A line below contains "#851 = LINE ( 'NONE', #482, #9 ) ;", and a later one contains "#874 = AXIS2_PLACEMENT_3D". Repeat both, with every line between them, exactly.
══ Raw data ══
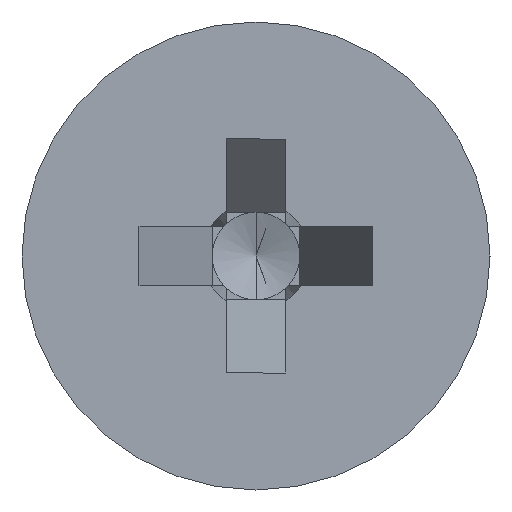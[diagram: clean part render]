
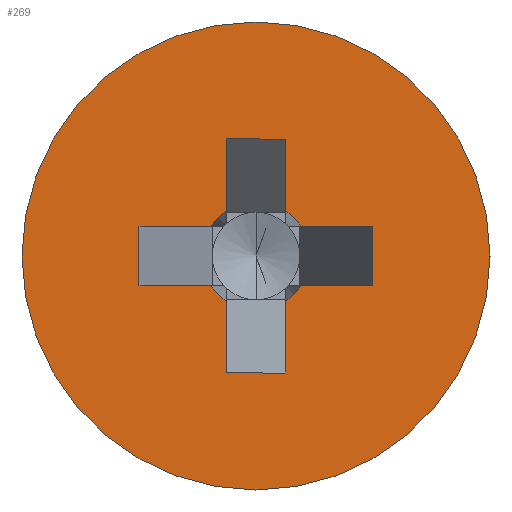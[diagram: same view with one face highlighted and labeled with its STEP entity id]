
A CAD part, left-side view. The second image highlights one B-rep face of the part: STEP entity #269.
In plain terms, the highlighted planar face has unit normal (-1, 0, 0).
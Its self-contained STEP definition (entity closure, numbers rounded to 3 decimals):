
#2 = CARTESIAN_POINT ( 'NONE',  ( 0., -0.24, 0.95 ) ) ;
#7 = EDGE_CURVE ( 'NONE', #40, #766, #463, .T. ) ;
#9 = VECTOR ( 'NONE', #42, 1000. ) ;
#13 = CARTESIAN_POINT ( 'NONE',  ( 0., -0.368, 0.24 ) ) ;
#30 = ORIENTED_EDGE ( 'NONE', *, *, #75, .T. ) ;
#39 = VECTOR ( 'NONE', #651, 1000. ) ;
#40 = VERTEX_POINT ( 'NONE', #723 ) ;
#42 = DIRECTION ( 'NONE',  ( 0., 0., 1. ) ) ;
#47 = DIRECTION ( 'NONE',  ( -1., 0., 0. ) ) ;
#60 = ORIENTED_EDGE ( 'NONE', *, *, #948, .T. ) ;
#75 = EDGE_CURVE ( 'NONE', #904, #957, #1097, .T. ) ;
#92 = EDGE_CURVE ( 'NONE', #1007, #278, #669, .T. ) ;
#103 = VERTEX_POINT ( 'NONE', #548 ) ;
#115 = LINE ( 'NONE', #226, #232 ) ;
#132 = VERTEX_POINT ( 'NONE', #748 ) ;
#133 = CARTESIAN_POINT ( 'NONE',  ( 0., 0., 0. ) ) ;
#181 = CARTESIAN_POINT ( 'NONE',  ( 0., 0.24, -0.95 ) ) ;
#214 = CARTESIAN_POINT ( 'NONE',  ( 0., 0.24, 0.95 ) ) ;
#221 = ORIENTED_EDGE ( 'NONE', *, *, #311, .F. ) ;
#226 = CARTESIAN_POINT ( 'NONE',  ( 0., 0.95, 0.24 ) ) ;
#228 = DIRECTION ( 'NONE',  ( -1., 0., 0. ) ) ;
#230 = ORIENTED_EDGE ( 'NONE', *, *, #1162, .F. ) ;
#232 = VECTOR ( 'NONE', #1047, 1000. ) ;
#239 = DIRECTION ( 'NONE',  ( -1., 0., 0. ) ) ;
#244 = CARTESIAN_POINT ( 'NONE',  ( 0., -0.24, -0.95 ) ) ;
#250 = EDGE_LOOP ( 'NONE', ( #655, #30 ) ) ;
#260 = ORIENTED_EDGE ( 'NONE', *, *, #632, .T. ) ;
#262 = DIRECTION ( 'NONE',  ( 0., 0., -1. ) ) ;
#269 = ADVANCED_FACE ( 'NONE', ( #896, #714 ), #683, .T. ) ;
#272 = LINE ( 'NONE', #368, #457 ) ;
#274 = CIRCLE ( 'NONE', #521, 0.439 ) ;
#277 = CARTESIAN_POINT ( 'NONE',  ( 0., 0.24, 0.95 ) ) ;
#278 = VERTEX_POINT ( 'NONE', #678 ) ;
#279 = AXIS2_PLACEMENT_3D ( 'NONE', #918, #366, #1013 ) ;
#284 = EDGE_CURVE ( 'NONE', #872, #103, #115, .T. ) ;
#311 = EDGE_CURVE ( 'NONE', #886, #132, #274, .T. ) ;
#312 = CARTESIAN_POINT ( 'NONE',  ( 0., -0.24, -0.368 ) ) ;
#341 = VECTOR ( 'NONE', #646, 1000. ) ;
#344 = ORIENTED_EDGE ( 'NONE', *, *, #284, .T. ) ;
#361 = DIRECTION ( 'NONE',  ( 0., 0., 1. ) ) ;
#366 = DIRECTION ( 'NONE',  ( -1., 0., 0. ) ) ;
#368 = CARTESIAN_POINT ( 'NONE',  ( 0., -0.24, 0.95 ) ) ;
#369 = CARTESIAN_POINT ( 'NONE',  ( 0., -0.95, -0.24 ) ) ;
#370 = LINE ( 'NONE', #2, #341 ) ;
#374 = ORIENTED_EDGE ( 'NONE', *, *, #690, .T. ) ;
#375 = AXIS2_PLACEMENT_3D ( 'NONE', #946, #563, #754 ) ;
#382 = EDGE_CURVE ( 'NONE', #957, #904, #675, .T. ) ;
#397 = DIRECTION ( 'NONE',  ( 0., 0., 1. ) ) ;
#413 = CIRCLE ( 'NONE', #874, 0.439 ) ;
#418 = ORIENTED_EDGE ( 'NONE', *, *, #92, .T. ) ;
#426 = VECTOR ( 'NONE', #913, 1000. ) ;
#427 = CIRCLE ( 'NONE', #375, 0.439 ) ;
#433 = VERTEX_POINT ( 'NONE', #892 ) ;
#440 = VERTEX_POINT ( 'NONE', #706 ) ;
#446 = VERTEX_POINT ( 'NONE', #616 ) ;
#457 = VECTOR ( 'NONE', #635, 1000. ) ;
#463 = LINE ( 'NONE', #181, #816 ) ;
#474 = DIRECTION ( 'NONE',  ( 0., 0., 1. ) ) ;
#482 = CARTESIAN_POINT ( 'NONE',  ( 0., 0.95, -0.24 ) ) ;
#490 = VECTOR ( 'NONE', #924, 1000. ) ;
#500 = CIRCLE ( 'NONE', #677, 0.439 ) ;
#516 = ORIENTED_EDGE ( 'NONE', *, *, #735, .T. ) ;
#521 = AXIS2_PLACEMENT_3D ( 'NONE', #665, #47, #1140 ) ;
#542 = ORIENTED_EDGE ( 'NONE', *, *, #1126, .T. ) ;
#548 = CARTESIAN_POINT ( 'NONE',  ( 0., 0.368, 0.24 ) ) ;
#553 = CARTESIAN_POINT ( 'NONE',  ( 0., -0.24, -0.95 ) ) ;
#563 = DIRECTION ( 'NONE',  ( -1., 0., 0. ) ) ;
#565 = CARTESIAN_POINT ( 'NONE',  ( 0., -0.95, -0.24 ) ) ;
#583 = AXIS2_PLACEMENT_3D ( 'NONE', #133, #228, #397 ) ;
#616 = CARTESIAN_POINT ( 'NONE',  ( 0., -0.95, 0.24 ) ) ;
#632 = EDGE_CURVE ( 'NONE', #967, #793, #642, .T. ) ;
#635 = DIRECTION ( 'NONE',  ( 0., 0., -1. ) ) ;
#642 = LINE ( 'NONE', #553, #1068 ) ;
#645 = ORIENTED_EDGE ( 'NONE', *, *, #718, .T. ) ;
#646 = DIRECTION ( 'NONE',  ( 0., 0., -1. ) ) ;
#650 = CARTESIAN_POINT ( 'NONE',  ( 0., -0.24, 0.368 ) ) ;
#651 = DIRECTION ( 'NONE',  ( 0., 0., 1. ) ) ;
#653 = EDGE_CURVE ( 'NONE', #730, #967, #370, .T. ) ;
#655 = ORIENTED_EDGE ( 'NONE', *, *, #382, .T. ) ;
#656 = LINE ( 'NONE', #277, #490 ) ;
#660 = CARTESIAN_POINT ( 'NONE',  ( 0., 0., 0. ) ) ;
#665 = CARTESIAN_POINT ( 'NONE',  ( 0., 0., 0. ) ) ;
#668 = VECTOR ( 'NONE', #715, 1000. ) ;
#669 = LINE ( 'NONE', #369, #426 ) ;
#670 = VECTOR ( 'NONE', #1124, 1000. ) ;
#673 = VERTEX_POINT ( 'NONE', #650 ) ;
#675 = CIRCLE ( 'NONE', #1076, 1.9 ) ;
#677 = AXIS2_PLACEMENT_3D ( 'NONE', #660, #960, #474 ) ;
#678 = CARTESIAN_POINT ( 'NONE',  ( 0., -0.368, -0.24 ) ) ;
#682 = CARTESIAN_POINT ( 'NONE',  ( 0., 0.95, 0.24 ) ) ;
#683 = PLANE ( 'NONE',  #583 ) ;
#690 = EDGE_CURVE ( 'NONE', #766, #433, #656, .T. ) ;
#706 = CARTESIAN_POINT ( 'NONE',  ( 0., 0.95, -0.24 ) ) ;
#714 = FACE_BOUND ( 'NONE', #1072, .T. ) ;
#715 = DIRECTION ( 'NONE',  ( 0., -1., 0. ) ) ;
#718 = EDGE_CURVE ( 'NONE', #433, #673, #272, .T. ) ;
#723 = CARTESIAN_POINT ( 'NONE',  ( 0., 0.24, 0.368 ) ) ;
#730 = VERTEX_POINT ( 'NONE', #312 ) ;
#735 = EDGE_CURVE ( 'NONE', #886, #440, #920, .T. ) ;
#742 = LINE ( 'NONE', #930, #39 ) ;
#748 = CARTESIAN_POINT ( 'NONE',  ( 0., 0.24, -0.368 ) ) ;
#754 = DIRECTION ( 'NONE',  ( 0., 0., 1. ) ) ;
#766 = VERTEX_POINT ( 'NONE', #214 ) ;
#778 = EDGE_CURVE ( 'NONE', #40, #103, #427, .T. ) ;
#786 = EDGE_CURVE ( 'NONE', #440, #872, #851, .T. ) ;
#793 = VERTEX_POINT ( 'NONE', #854 ) ;
#799 = ORIENTED_EDGE ( 'NONE', *, *, #7, .T. ) ;
#816 = VECTOR ( 'NONE', #361, 1000. ) ;
#821 = CARTESIAN_POINT ( 'NONE',  ( 0., 0., 1.9 ) ) ;
#851 = LINE ( 'NONE', #482, #9 ) ;
#854 = CARTESIAN_POINT ( 'NONE',  ( 0., 0.24, -0.95 ) ) ;
#870 = ORIENTED_EDGE ( 'NONE', *, *, #653, .T. ) ;
#871 = CARTESIAN_POINT ( 'NONE',  ( 0., 0., -1.9 ) ) ;
#872 = VERTEX_POINT ( 'NONE', #1146 ) ;
#874 = AXIS2_PLACEMENT_3D ( 'NONE', #1051, #965, #1148 ) ;
#882 = ORIENTED_EDGE ( 'NONE', *, *, #786, .T. ) ;
#884 = CARTESIAN_POINT ( 'NONE',  ( 0., 0., 0. ) ) ;
#886 = VERTEX_POINT ( 'NONE', #1061 ) ;
#892 = CARTESIAN_POINT ( 'NONE',  ( 0., -0.24, 0.95 ) ) ;
#896 = FACE_OUTER_BOUND ( 'NONE', #250, .T. ) ;
#904 = VERTEX_POINT ( 'NONE', #871 ) ;
#907 = EDGE_CURVE ( 'NONE', #730, #278, #413, .T. ) ;
#913 = DIRECTION ( 'NONE',  ( 0., 1., 0. ) ) ;
#918 = CARTESIAN_POINT ( 'NONE',  ( 0., 0., 0. ) ) ;
#920 = LINE ( 'NONE', #565, #670 ) ;
#924 = DIRECTION ( 'NONE',  ( 0., -1., 0. ) ) ;
#930 = CARTESIAN_POINT ( 'NONE',  ( 0., 0.24, -0.95 ) ) ;
#946 = CARTESIAN_POINT ( 'NONE',  ( 0., 0., 0. ) ) ;
#948 = EDGE_CURVE ( 'NONE', #1151, #446, #1065, .T. ) ;
#957 = VERTEX_POINT ( 'NONE', #821 ) ;
#960 = DIRECTION ( 'NONE',  ( -1., 0., 0. ) ) ;
#965 = DIRECTION ( 'NONE',  ( -1., 0., 0. ) ) ;
#967 = VERTEX_POINT ( 'NONE', #244 ) ;
#974 = DIRECTION ( 'NONE',  ( 0., 0., 1. ) ) ;
#975 = CARTESIAN_POINT ( 'NONE',  ( 0., -0.95, 0.24 ) ) ;
#991 = LINE ( 'NONE', #975, #1137 ) ;
#1000 = EDGE_CURVE ( 'NONE', #446, #1007, #991, .T. ) ;
#1007 = VERTEX_POINT ( 'NONE', #1160 ) ;
#1013 = DIRECTION ( 'NONE',  ( 0., 0., 1. ) ) ;
#1047 = DIRECTION ( 'NONE',  ( 0., -1., 0. ) ) ;
#1051 = CARTESIAN_POINT ( 'NONE',  ( 0., 0., 0. ) ) ;
#1057 = ORIENTED_EDGE ( 'NONE', *, *, #907, .F. ) ;
#1061 = CARTESIAN_POINT ( 'NONE',  ( 0., 0.368, -0.24 ) ) ;
#1065 = LINE ( 'NONE', #682, #668 ) ;
#1068 = VECTOR ( 'NONE', #1115, 1000. ) ;
#1072 = EDGE_LOOP ( 'NONE', ( #645, #230, #60, #1083, #418, #1057, #870, #260, #542, #221, #516, #882, #344, #1073, #799, #374 ) ) ;
#1073 = ORIENTED_EDGE ( 'NONE', *, *, #778, .F. ) ;
#1076 = AXIS2_PLACEMENT_3D ( 'NONE', #884, #239, #974 ) ;
#1083 = ORIENTED_EDGE ( 'NONE', *, *, #1000, .T. ) ;
#1097 = CIRCLE ( 'NONE', #279, 1.9 ) ;
#1115 = DIRECTION ( 'NONE',  ( 0., 1., 0. ) ) ;
#1124 = DIRECTION ( 'NONE',  ( 0., 1., 0. ) ) ;
#1126 = EDGE_CURVE ( 'NONE', #793, #132, #742, .T. ) ;
#1137 = VECTOR ( 'NONE', #262, 1000. ) ;
#1140 = DIRECTION ( 'NONE',  ( 0., 0., 1. ) ) ;
#1146 = CARTESIAN_POINT ( 'NONE',  ( 0., 0.95, 0.24 ) ) ;
#1148 = DIRECTION ( 'NONE',  ( 0., 0., 1. ) ) ;
#1151 = VERTEX_POINT ( 'NONE', #13 ) ;
#1160 = CARTESIAN_POINT ( 'NONE',  ( 0., -0.95, -0.24 ) ) ;
#1162 = EDGE_CURVE ( 'NONE', #1151, #673, #500, .T. ) ;
═══
● Task result:
#851 = LINE ( 'NONE', #482, #9 ) ;
#854 = CARTESIAN_POINT ( 'NONE',  ( 0., 0.24, -0.95 ) ) ;
#870 = ORIENTED_EDGE ( 'NONE', *, *, #653, .T. ) ;
#871 = CARTESIAN_POINT ( 'NONE',  ( 0., 0., -1.9 ) ) ;
#872 = VERTEX_POINT ( 'NONE', #1146 ) ;
#874 = AXIS2_PLACEMENT_3D ( 'NONE', #1051, #965, #1148 ) ;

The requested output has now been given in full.